What lines of the data hold the string "guid"? Copy them all.

Data records
□ □ □ □ □
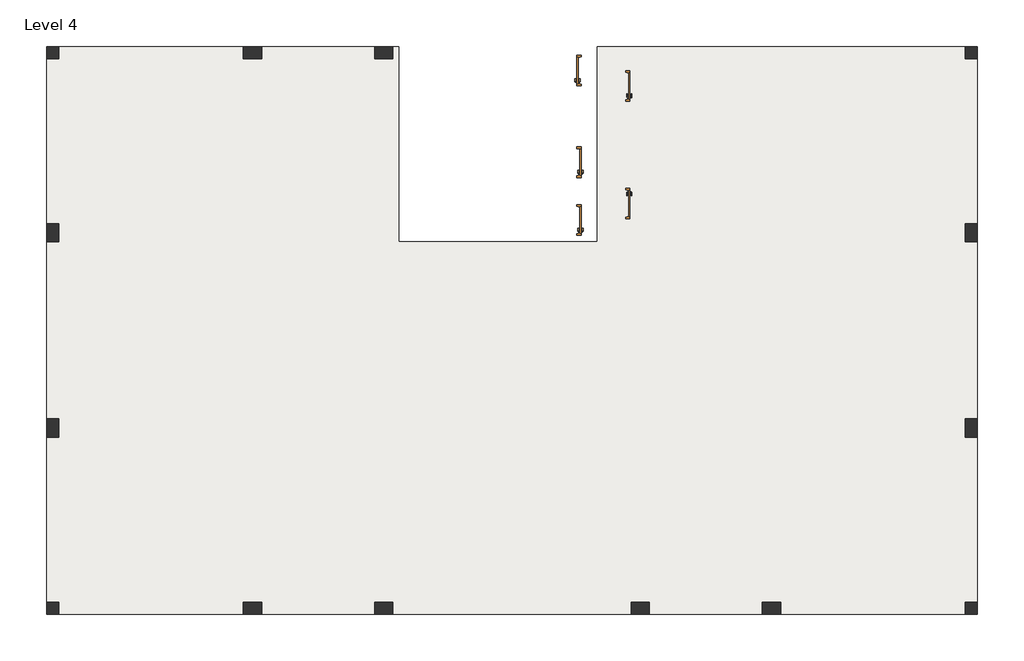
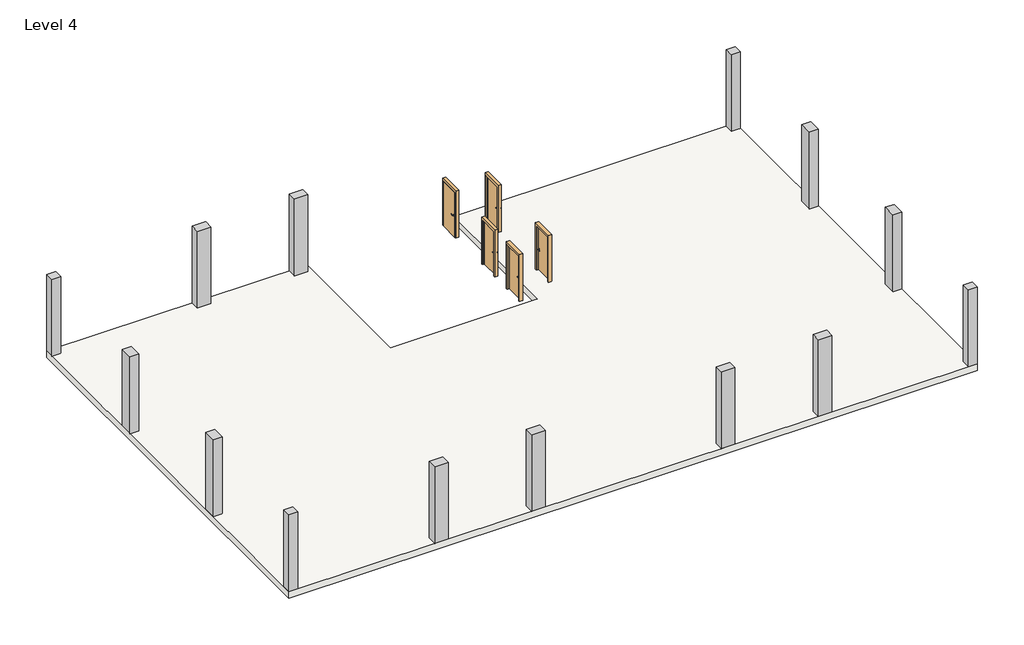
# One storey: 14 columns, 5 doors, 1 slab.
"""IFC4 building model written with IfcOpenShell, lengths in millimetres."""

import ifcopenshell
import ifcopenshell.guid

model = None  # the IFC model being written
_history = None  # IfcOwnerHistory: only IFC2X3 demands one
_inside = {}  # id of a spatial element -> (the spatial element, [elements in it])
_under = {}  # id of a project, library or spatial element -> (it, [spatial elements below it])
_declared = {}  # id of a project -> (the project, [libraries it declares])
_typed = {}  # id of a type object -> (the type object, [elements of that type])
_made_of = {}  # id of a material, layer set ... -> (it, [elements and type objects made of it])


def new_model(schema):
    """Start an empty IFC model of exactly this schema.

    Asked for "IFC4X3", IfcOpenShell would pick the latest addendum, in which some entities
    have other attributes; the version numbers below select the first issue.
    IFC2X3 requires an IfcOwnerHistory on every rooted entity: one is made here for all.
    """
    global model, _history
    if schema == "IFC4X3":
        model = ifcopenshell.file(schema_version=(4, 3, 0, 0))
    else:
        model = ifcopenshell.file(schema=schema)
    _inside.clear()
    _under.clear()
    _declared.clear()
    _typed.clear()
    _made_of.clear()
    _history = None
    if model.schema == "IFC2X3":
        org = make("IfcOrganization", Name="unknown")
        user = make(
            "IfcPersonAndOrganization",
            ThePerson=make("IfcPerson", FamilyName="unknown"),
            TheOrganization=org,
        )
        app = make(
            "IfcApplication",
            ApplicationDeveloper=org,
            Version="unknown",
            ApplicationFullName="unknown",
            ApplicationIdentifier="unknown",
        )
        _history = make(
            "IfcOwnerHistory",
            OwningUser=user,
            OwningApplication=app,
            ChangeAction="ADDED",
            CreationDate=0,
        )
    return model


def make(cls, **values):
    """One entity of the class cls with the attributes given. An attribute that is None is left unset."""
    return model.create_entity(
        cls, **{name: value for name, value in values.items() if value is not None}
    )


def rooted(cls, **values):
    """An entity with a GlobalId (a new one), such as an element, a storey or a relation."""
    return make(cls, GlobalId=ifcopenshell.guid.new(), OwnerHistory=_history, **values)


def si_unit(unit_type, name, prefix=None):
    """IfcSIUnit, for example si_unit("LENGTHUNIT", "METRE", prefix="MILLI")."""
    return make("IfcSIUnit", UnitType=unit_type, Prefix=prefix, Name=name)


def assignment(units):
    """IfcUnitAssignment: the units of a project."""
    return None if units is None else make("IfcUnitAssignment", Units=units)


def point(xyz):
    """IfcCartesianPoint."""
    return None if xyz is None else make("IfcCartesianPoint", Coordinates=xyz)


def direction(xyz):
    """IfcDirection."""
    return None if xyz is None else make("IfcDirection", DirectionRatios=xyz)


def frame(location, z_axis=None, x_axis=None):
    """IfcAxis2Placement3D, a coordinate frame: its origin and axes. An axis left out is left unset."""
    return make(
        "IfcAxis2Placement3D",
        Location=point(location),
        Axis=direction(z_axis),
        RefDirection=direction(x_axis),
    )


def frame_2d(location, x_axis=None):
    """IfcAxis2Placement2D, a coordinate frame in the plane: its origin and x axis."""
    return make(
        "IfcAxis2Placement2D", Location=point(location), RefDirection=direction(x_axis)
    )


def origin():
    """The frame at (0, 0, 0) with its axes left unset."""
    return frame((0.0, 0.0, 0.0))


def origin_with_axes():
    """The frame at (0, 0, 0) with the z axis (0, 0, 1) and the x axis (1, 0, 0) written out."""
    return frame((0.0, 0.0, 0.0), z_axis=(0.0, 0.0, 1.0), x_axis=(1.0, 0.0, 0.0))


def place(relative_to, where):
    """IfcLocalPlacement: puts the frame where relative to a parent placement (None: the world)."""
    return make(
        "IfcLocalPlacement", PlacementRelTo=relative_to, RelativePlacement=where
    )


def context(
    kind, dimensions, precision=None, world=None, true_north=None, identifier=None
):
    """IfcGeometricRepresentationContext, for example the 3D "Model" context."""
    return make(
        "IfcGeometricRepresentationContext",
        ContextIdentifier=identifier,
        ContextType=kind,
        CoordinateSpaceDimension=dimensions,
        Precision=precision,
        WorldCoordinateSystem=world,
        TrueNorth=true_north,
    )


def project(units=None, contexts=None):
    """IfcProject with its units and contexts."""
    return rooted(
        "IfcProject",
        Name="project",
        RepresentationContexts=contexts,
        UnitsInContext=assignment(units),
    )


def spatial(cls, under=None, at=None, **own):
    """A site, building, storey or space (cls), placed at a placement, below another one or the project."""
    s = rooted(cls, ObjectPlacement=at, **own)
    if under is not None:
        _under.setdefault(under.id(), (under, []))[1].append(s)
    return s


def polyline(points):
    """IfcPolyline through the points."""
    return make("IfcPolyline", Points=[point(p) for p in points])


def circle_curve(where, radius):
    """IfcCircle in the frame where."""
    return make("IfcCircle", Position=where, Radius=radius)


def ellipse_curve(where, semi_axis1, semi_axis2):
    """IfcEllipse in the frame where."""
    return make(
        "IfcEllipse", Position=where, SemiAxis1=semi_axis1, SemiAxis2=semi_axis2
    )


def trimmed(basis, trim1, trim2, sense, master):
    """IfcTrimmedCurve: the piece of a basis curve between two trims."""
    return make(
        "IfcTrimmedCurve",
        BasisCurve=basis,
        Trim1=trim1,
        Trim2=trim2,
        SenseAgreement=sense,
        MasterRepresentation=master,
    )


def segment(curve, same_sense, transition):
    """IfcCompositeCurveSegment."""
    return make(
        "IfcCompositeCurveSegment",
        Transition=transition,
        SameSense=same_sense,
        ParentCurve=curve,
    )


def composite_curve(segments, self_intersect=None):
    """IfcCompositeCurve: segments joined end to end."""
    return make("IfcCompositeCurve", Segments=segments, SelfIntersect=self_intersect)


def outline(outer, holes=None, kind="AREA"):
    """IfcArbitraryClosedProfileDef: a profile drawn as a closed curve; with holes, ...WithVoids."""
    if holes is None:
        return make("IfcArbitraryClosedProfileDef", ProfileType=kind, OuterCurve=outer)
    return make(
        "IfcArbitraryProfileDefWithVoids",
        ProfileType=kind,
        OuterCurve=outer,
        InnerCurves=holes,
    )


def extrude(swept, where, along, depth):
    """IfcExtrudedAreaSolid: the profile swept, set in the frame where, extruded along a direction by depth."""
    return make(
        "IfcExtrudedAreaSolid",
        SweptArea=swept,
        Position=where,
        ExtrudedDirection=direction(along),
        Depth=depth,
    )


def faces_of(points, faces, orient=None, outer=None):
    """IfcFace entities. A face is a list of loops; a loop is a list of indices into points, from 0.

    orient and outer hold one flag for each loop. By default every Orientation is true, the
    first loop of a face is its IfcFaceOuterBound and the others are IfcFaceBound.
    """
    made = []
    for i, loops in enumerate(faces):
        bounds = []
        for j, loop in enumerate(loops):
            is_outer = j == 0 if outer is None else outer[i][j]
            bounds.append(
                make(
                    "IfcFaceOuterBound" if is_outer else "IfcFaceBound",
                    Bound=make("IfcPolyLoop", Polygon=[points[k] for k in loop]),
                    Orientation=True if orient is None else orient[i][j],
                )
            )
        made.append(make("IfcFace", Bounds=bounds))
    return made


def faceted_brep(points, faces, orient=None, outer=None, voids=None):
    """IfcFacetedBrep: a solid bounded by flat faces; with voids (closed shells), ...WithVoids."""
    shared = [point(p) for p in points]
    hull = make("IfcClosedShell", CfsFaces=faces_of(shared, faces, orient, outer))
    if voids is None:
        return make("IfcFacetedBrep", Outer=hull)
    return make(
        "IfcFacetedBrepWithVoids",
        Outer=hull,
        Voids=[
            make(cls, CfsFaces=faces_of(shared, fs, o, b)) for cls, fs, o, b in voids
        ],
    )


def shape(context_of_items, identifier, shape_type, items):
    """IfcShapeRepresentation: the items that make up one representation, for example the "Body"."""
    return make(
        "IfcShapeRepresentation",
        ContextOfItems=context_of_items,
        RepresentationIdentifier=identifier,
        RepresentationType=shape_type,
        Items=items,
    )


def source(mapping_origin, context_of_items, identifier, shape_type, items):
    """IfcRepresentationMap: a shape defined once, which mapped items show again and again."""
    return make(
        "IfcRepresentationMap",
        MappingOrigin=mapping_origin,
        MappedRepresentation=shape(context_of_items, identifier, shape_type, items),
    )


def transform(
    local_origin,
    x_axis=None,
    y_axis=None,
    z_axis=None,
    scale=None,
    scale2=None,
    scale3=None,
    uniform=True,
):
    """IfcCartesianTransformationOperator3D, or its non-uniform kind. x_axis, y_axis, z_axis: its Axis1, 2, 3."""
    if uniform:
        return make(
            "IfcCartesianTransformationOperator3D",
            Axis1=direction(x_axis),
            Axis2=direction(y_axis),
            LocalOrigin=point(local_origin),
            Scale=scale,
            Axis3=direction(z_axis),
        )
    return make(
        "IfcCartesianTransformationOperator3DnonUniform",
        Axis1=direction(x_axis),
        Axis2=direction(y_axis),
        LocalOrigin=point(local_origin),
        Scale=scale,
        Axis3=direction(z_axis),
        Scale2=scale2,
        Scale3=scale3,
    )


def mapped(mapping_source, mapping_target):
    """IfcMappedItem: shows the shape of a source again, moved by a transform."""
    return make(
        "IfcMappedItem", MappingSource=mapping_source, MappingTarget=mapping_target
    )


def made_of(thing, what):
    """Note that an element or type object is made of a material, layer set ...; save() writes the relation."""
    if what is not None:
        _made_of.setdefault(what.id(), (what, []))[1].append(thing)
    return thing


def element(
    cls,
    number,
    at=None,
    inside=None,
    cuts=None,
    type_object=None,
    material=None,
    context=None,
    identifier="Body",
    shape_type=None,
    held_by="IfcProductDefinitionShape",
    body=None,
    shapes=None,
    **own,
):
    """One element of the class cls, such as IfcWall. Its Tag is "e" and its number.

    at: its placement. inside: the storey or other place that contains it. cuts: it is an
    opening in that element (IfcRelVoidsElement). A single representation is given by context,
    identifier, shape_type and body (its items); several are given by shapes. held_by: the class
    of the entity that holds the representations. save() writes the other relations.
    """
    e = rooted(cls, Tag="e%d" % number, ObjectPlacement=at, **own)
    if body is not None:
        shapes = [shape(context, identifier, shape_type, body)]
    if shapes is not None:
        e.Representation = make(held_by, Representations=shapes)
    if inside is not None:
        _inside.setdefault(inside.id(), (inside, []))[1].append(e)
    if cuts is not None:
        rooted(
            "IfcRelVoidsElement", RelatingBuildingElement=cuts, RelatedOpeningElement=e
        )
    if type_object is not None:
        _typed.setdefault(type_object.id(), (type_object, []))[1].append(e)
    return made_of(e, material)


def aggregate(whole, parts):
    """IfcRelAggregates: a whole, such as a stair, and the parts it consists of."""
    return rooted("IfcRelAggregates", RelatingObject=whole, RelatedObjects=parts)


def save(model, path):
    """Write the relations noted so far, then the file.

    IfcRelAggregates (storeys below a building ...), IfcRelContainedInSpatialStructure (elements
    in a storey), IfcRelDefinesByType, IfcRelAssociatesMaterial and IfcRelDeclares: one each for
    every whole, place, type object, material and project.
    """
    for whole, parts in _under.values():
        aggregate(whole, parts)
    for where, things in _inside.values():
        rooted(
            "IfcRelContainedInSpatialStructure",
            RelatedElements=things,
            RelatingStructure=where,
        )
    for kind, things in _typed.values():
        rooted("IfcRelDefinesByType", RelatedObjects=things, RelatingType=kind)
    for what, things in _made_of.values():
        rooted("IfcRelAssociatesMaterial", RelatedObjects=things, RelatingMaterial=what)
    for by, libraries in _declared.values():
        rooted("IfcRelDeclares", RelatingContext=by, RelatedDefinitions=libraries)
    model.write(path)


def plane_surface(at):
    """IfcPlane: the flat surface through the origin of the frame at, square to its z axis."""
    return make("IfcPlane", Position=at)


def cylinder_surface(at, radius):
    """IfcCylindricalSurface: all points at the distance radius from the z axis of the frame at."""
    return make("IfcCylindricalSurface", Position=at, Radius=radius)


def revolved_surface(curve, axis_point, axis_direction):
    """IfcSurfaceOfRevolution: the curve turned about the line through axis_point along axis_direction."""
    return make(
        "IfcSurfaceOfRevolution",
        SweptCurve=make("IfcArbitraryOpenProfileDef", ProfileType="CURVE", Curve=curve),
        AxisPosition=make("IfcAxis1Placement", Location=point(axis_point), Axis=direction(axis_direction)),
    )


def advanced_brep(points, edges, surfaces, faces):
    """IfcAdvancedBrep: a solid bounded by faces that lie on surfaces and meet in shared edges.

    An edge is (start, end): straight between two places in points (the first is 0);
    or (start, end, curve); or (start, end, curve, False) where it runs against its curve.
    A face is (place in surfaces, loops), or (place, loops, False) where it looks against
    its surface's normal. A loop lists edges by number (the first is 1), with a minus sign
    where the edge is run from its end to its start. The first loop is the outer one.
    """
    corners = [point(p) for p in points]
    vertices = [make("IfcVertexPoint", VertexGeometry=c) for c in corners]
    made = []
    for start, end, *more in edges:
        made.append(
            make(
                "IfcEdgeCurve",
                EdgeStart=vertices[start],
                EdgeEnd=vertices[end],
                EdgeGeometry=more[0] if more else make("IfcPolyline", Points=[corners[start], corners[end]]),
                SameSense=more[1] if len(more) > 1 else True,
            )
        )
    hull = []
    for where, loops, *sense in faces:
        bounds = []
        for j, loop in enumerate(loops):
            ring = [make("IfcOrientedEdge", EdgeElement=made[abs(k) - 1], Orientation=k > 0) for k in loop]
□ □ □ □ □
= ANSWER AREA =
import ifcopenshell.guid
    return make(cls, GlobalId=ifcopenshell.guid.new(), OwnerHistory=_history, **values)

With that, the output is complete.